PROBLEM TO WORK ON ▸ Give back, word for word, only the lines from the opening of the records through the one with "3, 'Continuous', 35), ('konstrukcja". Pictures stay out.

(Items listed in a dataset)

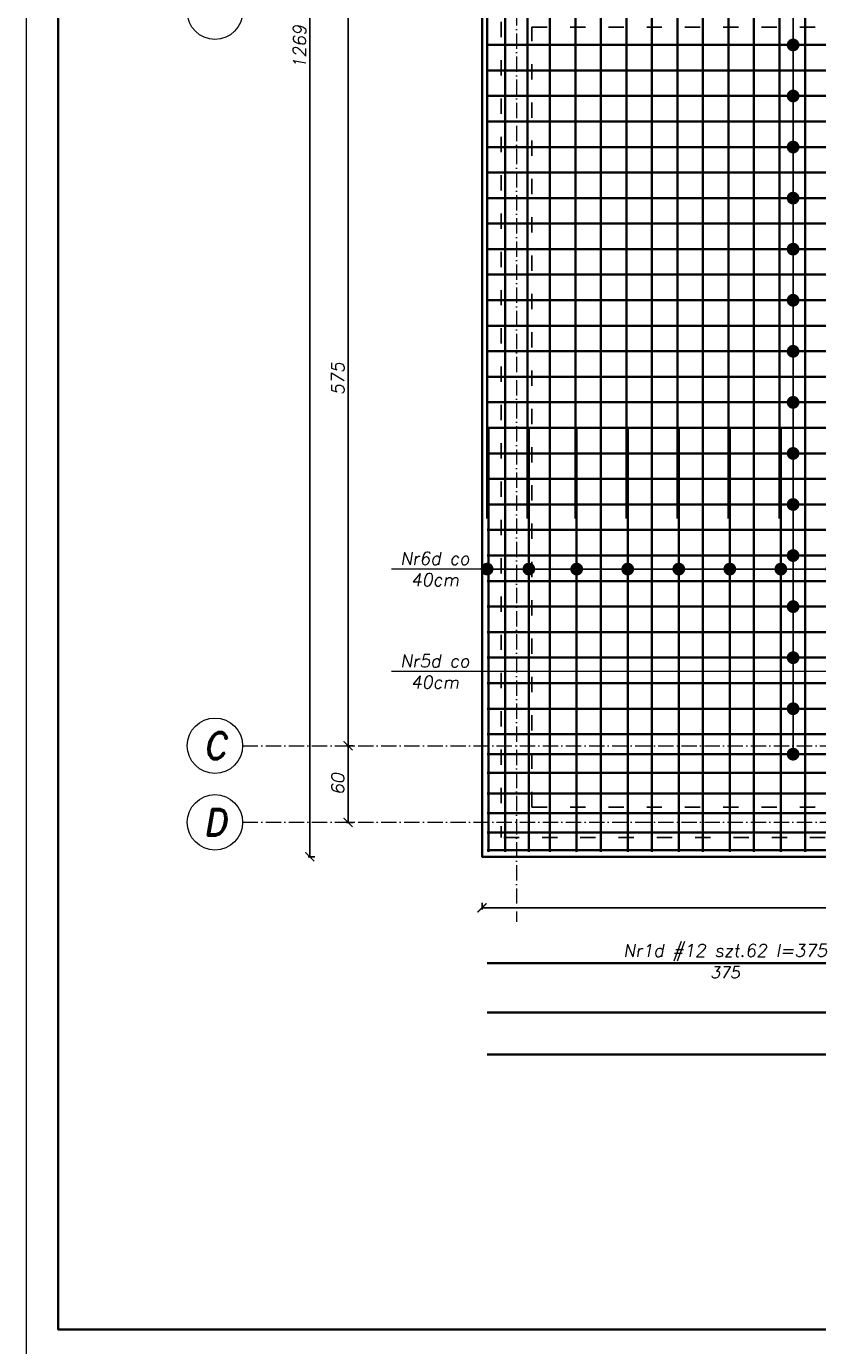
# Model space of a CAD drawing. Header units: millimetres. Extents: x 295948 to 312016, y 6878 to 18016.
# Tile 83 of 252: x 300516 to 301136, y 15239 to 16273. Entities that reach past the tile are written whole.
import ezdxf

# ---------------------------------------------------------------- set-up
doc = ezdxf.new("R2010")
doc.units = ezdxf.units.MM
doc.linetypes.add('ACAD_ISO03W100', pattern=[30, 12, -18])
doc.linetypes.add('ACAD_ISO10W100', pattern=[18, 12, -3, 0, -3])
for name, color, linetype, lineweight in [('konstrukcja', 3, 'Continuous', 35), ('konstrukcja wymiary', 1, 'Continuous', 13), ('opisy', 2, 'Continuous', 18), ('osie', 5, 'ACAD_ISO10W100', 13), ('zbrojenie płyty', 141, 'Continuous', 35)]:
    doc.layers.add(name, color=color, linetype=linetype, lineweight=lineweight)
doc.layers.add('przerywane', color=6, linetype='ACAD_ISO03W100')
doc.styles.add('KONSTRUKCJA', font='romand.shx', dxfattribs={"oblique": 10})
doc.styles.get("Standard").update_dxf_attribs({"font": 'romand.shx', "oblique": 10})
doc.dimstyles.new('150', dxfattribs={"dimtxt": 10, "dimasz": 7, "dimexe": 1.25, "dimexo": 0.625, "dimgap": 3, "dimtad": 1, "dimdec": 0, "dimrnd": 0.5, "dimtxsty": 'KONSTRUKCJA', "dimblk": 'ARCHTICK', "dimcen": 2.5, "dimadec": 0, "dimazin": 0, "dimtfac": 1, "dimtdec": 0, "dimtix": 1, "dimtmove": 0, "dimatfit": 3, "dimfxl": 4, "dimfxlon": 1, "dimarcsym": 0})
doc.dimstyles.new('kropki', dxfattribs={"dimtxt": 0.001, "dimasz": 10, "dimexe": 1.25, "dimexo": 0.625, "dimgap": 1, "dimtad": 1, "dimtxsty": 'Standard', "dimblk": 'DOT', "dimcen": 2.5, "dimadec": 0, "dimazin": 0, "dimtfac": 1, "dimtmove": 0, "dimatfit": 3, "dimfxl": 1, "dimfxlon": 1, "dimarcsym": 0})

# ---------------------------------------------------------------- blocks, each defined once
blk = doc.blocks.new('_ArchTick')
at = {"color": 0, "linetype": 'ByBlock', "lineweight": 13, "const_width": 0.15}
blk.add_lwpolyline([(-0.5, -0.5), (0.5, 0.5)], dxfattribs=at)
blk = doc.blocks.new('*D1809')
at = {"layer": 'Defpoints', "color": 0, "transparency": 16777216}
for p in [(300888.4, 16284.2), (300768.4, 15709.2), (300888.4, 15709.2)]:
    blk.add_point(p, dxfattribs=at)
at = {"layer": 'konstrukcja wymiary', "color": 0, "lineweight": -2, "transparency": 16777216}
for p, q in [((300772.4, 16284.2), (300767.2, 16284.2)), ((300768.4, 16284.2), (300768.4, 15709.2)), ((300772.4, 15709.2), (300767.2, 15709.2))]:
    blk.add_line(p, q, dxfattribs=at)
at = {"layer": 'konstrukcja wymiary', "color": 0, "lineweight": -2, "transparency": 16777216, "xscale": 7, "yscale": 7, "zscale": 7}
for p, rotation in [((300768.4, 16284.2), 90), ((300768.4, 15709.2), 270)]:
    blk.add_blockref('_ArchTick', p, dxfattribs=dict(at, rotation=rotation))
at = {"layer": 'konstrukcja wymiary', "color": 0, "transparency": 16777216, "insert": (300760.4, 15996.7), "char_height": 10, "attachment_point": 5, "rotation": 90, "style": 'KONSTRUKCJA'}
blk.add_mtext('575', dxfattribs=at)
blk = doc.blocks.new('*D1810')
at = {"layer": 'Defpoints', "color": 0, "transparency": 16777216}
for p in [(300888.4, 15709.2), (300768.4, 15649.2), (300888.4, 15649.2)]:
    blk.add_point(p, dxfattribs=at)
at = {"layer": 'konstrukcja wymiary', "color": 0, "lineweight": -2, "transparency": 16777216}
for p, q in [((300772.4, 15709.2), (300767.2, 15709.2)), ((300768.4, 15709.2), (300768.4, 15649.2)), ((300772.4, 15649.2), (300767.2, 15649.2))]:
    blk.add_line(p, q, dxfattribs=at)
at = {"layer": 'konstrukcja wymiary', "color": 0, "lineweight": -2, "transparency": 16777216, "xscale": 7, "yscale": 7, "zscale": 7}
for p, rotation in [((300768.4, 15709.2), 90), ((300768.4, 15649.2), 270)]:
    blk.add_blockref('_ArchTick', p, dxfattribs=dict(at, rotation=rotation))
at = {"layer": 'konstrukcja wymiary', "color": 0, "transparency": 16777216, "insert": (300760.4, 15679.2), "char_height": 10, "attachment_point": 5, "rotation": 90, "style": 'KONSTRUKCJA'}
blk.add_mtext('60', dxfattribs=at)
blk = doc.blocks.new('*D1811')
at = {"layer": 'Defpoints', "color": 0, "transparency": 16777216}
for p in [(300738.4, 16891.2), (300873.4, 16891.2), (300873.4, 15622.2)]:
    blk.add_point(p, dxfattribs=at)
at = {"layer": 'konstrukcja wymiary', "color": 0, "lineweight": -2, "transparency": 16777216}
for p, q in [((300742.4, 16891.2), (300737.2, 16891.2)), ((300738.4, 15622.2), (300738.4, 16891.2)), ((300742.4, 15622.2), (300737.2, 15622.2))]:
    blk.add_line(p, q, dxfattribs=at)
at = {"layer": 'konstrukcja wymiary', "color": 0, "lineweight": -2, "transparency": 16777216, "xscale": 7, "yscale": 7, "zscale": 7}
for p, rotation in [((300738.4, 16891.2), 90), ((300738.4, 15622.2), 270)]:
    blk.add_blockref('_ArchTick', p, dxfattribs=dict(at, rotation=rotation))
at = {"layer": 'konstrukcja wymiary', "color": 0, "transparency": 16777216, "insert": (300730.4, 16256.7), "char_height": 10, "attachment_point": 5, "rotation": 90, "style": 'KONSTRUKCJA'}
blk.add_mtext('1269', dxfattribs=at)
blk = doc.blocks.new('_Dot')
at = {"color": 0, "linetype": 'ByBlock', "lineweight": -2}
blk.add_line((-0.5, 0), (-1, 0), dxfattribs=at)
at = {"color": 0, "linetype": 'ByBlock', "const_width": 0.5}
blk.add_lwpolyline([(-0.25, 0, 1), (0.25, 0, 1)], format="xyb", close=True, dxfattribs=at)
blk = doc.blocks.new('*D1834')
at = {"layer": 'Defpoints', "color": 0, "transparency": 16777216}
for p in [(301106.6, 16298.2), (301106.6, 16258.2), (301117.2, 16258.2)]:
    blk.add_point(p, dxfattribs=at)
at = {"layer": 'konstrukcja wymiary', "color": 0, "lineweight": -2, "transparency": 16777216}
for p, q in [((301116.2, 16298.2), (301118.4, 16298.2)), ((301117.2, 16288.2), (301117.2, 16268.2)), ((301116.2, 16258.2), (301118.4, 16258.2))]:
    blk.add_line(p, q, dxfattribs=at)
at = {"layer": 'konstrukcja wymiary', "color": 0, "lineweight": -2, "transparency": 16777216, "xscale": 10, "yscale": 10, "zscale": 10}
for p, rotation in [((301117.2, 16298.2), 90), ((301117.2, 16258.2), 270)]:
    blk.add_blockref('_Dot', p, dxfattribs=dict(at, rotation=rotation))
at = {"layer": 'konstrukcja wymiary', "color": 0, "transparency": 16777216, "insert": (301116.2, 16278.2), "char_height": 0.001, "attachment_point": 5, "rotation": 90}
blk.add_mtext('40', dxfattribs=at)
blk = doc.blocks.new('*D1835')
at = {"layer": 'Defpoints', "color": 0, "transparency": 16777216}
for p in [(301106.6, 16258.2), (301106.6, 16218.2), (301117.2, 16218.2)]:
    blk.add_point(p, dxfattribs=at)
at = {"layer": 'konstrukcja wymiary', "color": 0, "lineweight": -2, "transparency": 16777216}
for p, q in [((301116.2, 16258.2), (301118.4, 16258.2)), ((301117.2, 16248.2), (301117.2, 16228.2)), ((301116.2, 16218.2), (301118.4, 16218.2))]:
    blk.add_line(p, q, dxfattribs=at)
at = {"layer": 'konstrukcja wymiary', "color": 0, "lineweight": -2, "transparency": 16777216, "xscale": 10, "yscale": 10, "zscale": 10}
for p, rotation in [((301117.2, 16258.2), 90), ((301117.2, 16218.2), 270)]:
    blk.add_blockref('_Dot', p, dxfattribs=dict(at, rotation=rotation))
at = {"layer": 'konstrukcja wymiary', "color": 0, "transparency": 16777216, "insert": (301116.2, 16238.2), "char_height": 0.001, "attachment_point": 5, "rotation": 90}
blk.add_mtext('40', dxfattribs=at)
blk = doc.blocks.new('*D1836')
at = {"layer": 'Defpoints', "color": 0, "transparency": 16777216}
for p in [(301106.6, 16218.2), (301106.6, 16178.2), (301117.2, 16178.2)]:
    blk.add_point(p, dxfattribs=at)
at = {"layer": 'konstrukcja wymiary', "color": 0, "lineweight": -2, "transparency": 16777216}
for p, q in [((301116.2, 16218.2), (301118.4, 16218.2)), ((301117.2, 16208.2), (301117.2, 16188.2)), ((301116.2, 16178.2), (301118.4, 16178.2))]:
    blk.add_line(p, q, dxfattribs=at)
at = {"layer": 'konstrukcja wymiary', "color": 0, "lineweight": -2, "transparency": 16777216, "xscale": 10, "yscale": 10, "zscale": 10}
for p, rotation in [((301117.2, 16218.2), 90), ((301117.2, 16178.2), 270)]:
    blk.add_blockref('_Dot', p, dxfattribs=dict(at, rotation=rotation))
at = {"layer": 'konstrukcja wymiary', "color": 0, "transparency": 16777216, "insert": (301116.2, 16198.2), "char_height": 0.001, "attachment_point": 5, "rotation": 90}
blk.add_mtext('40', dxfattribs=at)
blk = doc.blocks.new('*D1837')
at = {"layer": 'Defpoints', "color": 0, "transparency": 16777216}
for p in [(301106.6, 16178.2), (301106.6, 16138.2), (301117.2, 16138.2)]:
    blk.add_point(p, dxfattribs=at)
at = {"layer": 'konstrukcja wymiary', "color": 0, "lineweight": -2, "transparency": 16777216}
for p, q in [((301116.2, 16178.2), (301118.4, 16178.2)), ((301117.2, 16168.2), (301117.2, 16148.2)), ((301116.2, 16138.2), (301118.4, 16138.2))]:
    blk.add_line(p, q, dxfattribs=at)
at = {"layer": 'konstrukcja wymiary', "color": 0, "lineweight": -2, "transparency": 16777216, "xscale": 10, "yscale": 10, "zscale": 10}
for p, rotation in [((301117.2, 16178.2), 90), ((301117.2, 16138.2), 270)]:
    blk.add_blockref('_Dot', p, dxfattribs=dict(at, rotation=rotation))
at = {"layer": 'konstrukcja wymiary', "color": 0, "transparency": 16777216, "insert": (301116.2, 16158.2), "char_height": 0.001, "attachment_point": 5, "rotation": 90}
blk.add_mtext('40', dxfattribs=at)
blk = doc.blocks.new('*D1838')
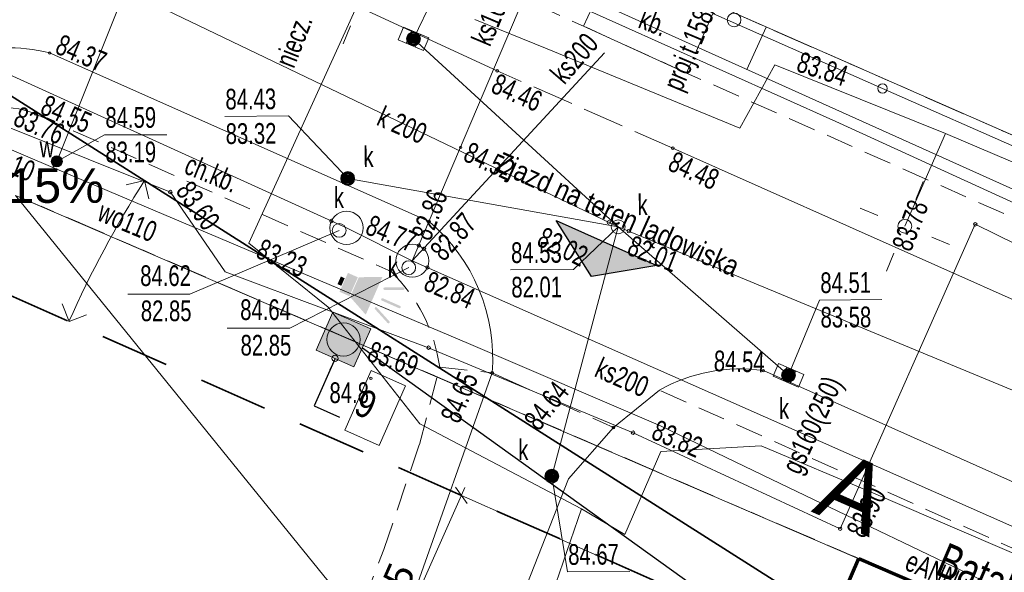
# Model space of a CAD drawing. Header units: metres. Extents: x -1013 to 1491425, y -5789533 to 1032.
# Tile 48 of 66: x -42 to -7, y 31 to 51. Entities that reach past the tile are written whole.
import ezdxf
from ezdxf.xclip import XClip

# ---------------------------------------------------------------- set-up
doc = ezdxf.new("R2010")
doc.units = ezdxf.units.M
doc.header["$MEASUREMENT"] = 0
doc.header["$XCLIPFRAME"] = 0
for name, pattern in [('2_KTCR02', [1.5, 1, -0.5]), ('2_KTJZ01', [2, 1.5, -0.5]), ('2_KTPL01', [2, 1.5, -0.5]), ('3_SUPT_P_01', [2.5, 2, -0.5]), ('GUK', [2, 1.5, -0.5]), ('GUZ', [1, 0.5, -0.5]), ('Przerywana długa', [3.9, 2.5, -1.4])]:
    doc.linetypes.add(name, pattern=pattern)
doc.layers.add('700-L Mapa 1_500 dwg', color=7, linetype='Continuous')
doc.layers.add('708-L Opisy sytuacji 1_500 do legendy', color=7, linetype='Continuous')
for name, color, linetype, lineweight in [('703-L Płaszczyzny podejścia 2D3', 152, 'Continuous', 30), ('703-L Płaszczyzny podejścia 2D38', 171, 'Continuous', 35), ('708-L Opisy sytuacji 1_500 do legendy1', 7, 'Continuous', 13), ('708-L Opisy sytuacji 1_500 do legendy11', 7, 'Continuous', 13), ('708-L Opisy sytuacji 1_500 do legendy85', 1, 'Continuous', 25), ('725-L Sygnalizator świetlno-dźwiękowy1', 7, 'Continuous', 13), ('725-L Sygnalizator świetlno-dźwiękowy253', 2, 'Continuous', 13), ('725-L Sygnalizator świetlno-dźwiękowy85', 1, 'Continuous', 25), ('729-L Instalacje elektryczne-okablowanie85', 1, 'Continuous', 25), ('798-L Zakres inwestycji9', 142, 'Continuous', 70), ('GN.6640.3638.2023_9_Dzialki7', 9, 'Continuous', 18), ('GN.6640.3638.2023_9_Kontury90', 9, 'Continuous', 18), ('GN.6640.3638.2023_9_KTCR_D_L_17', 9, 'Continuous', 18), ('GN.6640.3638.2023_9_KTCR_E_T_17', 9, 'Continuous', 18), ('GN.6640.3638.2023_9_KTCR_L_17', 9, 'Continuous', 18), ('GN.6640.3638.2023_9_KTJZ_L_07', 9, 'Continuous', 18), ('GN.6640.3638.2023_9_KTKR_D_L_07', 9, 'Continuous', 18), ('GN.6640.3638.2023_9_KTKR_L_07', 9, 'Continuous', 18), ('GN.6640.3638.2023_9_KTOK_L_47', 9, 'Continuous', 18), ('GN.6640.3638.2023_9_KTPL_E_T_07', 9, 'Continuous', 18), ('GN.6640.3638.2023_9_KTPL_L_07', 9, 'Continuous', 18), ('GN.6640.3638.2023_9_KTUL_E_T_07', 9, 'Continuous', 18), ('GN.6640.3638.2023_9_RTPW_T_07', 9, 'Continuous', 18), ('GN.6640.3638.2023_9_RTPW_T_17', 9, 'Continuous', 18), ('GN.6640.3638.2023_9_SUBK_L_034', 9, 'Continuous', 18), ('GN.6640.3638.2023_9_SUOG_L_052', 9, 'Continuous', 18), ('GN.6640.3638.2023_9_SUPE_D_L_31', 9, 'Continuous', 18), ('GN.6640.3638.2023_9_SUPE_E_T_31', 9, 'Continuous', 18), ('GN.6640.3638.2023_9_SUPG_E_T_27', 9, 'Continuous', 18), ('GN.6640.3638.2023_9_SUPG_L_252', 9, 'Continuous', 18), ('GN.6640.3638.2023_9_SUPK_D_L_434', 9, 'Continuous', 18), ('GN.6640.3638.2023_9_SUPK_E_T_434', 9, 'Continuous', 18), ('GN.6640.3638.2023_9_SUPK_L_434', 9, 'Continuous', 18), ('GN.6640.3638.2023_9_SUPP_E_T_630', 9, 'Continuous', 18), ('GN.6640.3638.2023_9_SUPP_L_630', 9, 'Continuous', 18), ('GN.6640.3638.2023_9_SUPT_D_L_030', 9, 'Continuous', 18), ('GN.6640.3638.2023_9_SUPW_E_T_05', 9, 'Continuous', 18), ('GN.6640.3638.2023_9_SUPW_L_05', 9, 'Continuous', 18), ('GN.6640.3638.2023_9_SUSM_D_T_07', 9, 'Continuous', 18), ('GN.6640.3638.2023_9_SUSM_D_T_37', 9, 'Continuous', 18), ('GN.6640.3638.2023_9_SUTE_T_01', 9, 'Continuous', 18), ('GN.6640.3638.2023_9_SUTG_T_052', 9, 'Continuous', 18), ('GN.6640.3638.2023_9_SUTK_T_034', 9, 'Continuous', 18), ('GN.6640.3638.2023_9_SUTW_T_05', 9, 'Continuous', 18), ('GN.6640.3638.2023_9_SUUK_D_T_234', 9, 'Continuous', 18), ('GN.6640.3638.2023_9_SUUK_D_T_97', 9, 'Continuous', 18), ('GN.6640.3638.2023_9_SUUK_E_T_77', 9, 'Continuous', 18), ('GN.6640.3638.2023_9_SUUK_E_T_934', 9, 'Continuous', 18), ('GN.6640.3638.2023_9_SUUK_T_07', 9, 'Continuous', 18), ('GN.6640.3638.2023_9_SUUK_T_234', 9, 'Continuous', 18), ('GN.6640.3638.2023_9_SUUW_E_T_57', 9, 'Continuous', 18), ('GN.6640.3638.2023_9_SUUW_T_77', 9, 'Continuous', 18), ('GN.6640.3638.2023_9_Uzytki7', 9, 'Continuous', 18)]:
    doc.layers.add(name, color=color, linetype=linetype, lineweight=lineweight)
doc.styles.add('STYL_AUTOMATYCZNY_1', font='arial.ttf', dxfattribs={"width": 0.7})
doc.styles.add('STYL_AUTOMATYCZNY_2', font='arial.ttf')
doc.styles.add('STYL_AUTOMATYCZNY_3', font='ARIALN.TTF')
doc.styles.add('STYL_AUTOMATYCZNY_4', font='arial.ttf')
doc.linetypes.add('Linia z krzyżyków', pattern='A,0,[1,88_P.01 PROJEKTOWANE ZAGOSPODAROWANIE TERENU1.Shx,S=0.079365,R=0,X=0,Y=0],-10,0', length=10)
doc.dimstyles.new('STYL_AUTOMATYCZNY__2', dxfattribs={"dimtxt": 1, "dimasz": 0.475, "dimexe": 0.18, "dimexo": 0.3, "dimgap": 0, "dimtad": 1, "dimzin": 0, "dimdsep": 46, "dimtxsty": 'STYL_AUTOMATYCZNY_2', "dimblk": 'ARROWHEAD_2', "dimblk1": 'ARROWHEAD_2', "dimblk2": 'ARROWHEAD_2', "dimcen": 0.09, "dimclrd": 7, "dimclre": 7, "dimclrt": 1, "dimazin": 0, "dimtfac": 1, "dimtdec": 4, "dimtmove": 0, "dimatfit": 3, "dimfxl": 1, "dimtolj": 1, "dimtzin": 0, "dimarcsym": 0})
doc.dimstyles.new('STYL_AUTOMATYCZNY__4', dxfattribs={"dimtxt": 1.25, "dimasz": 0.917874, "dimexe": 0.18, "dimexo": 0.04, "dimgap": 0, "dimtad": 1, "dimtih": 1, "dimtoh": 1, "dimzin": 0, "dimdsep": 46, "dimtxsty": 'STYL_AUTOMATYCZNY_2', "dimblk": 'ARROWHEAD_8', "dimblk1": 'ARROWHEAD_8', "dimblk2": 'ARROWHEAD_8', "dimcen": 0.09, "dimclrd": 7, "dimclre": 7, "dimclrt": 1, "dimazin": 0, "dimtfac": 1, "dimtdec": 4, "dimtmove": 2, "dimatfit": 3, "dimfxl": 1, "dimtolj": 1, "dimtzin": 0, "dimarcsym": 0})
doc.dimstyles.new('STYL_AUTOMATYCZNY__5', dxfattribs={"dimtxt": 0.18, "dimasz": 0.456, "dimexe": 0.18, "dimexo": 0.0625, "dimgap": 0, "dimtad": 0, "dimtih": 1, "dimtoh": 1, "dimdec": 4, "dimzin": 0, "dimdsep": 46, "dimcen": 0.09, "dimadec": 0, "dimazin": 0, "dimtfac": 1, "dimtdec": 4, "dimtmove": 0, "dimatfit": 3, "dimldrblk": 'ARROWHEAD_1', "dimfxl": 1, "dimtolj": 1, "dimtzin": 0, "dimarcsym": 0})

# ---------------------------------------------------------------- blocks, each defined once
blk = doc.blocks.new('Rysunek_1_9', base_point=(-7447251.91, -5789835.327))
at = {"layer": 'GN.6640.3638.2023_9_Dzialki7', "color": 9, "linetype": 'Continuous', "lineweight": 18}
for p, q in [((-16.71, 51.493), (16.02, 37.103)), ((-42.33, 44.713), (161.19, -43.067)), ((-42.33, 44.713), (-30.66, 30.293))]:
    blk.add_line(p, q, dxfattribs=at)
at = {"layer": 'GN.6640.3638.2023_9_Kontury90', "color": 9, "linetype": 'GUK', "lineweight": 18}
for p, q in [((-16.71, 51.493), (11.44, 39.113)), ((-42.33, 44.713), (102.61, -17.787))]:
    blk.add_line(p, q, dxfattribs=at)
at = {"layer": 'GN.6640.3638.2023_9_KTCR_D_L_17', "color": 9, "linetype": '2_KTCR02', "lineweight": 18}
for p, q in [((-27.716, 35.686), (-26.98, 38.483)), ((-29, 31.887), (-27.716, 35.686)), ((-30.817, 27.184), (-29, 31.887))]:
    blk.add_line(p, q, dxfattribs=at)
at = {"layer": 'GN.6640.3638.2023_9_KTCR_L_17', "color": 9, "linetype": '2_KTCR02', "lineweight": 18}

REPLY TO THE EXERCISE ▸
# Model space of a CAD drawing. Header units: millimetres. Extents: x 295948 to 312016, y 6878 to 18016.
# Tile 83 of 252: x 300516 to 301136, y 15239 to 16273. Entities that reach past the tile are written whole.
import ezdxf

# ---------------------------------------------------------------- set-up
doc = ezdxf.new("R2010")
doc.units = ezdxf.units.MM
doc.linetypes.add('ACAD_ISO03W100', pattern=[30, 12, -18])
doc.linetypes.add('ACAD_ISO10W100', pattern=[18, 12, -3, 0, -3])
for name, color, linetype, lineweight in [('konstrukcja', 3, 'Continuous', 35), ('konstrukcja wymiary', 1, 'Continuous', 13), ('opisy', 2, 'Continuous', 18), ('osie', 5, 'ACAD_ISO10W100', 13), ('zbrojenie płyty', 141, 'Continuous', 35)]:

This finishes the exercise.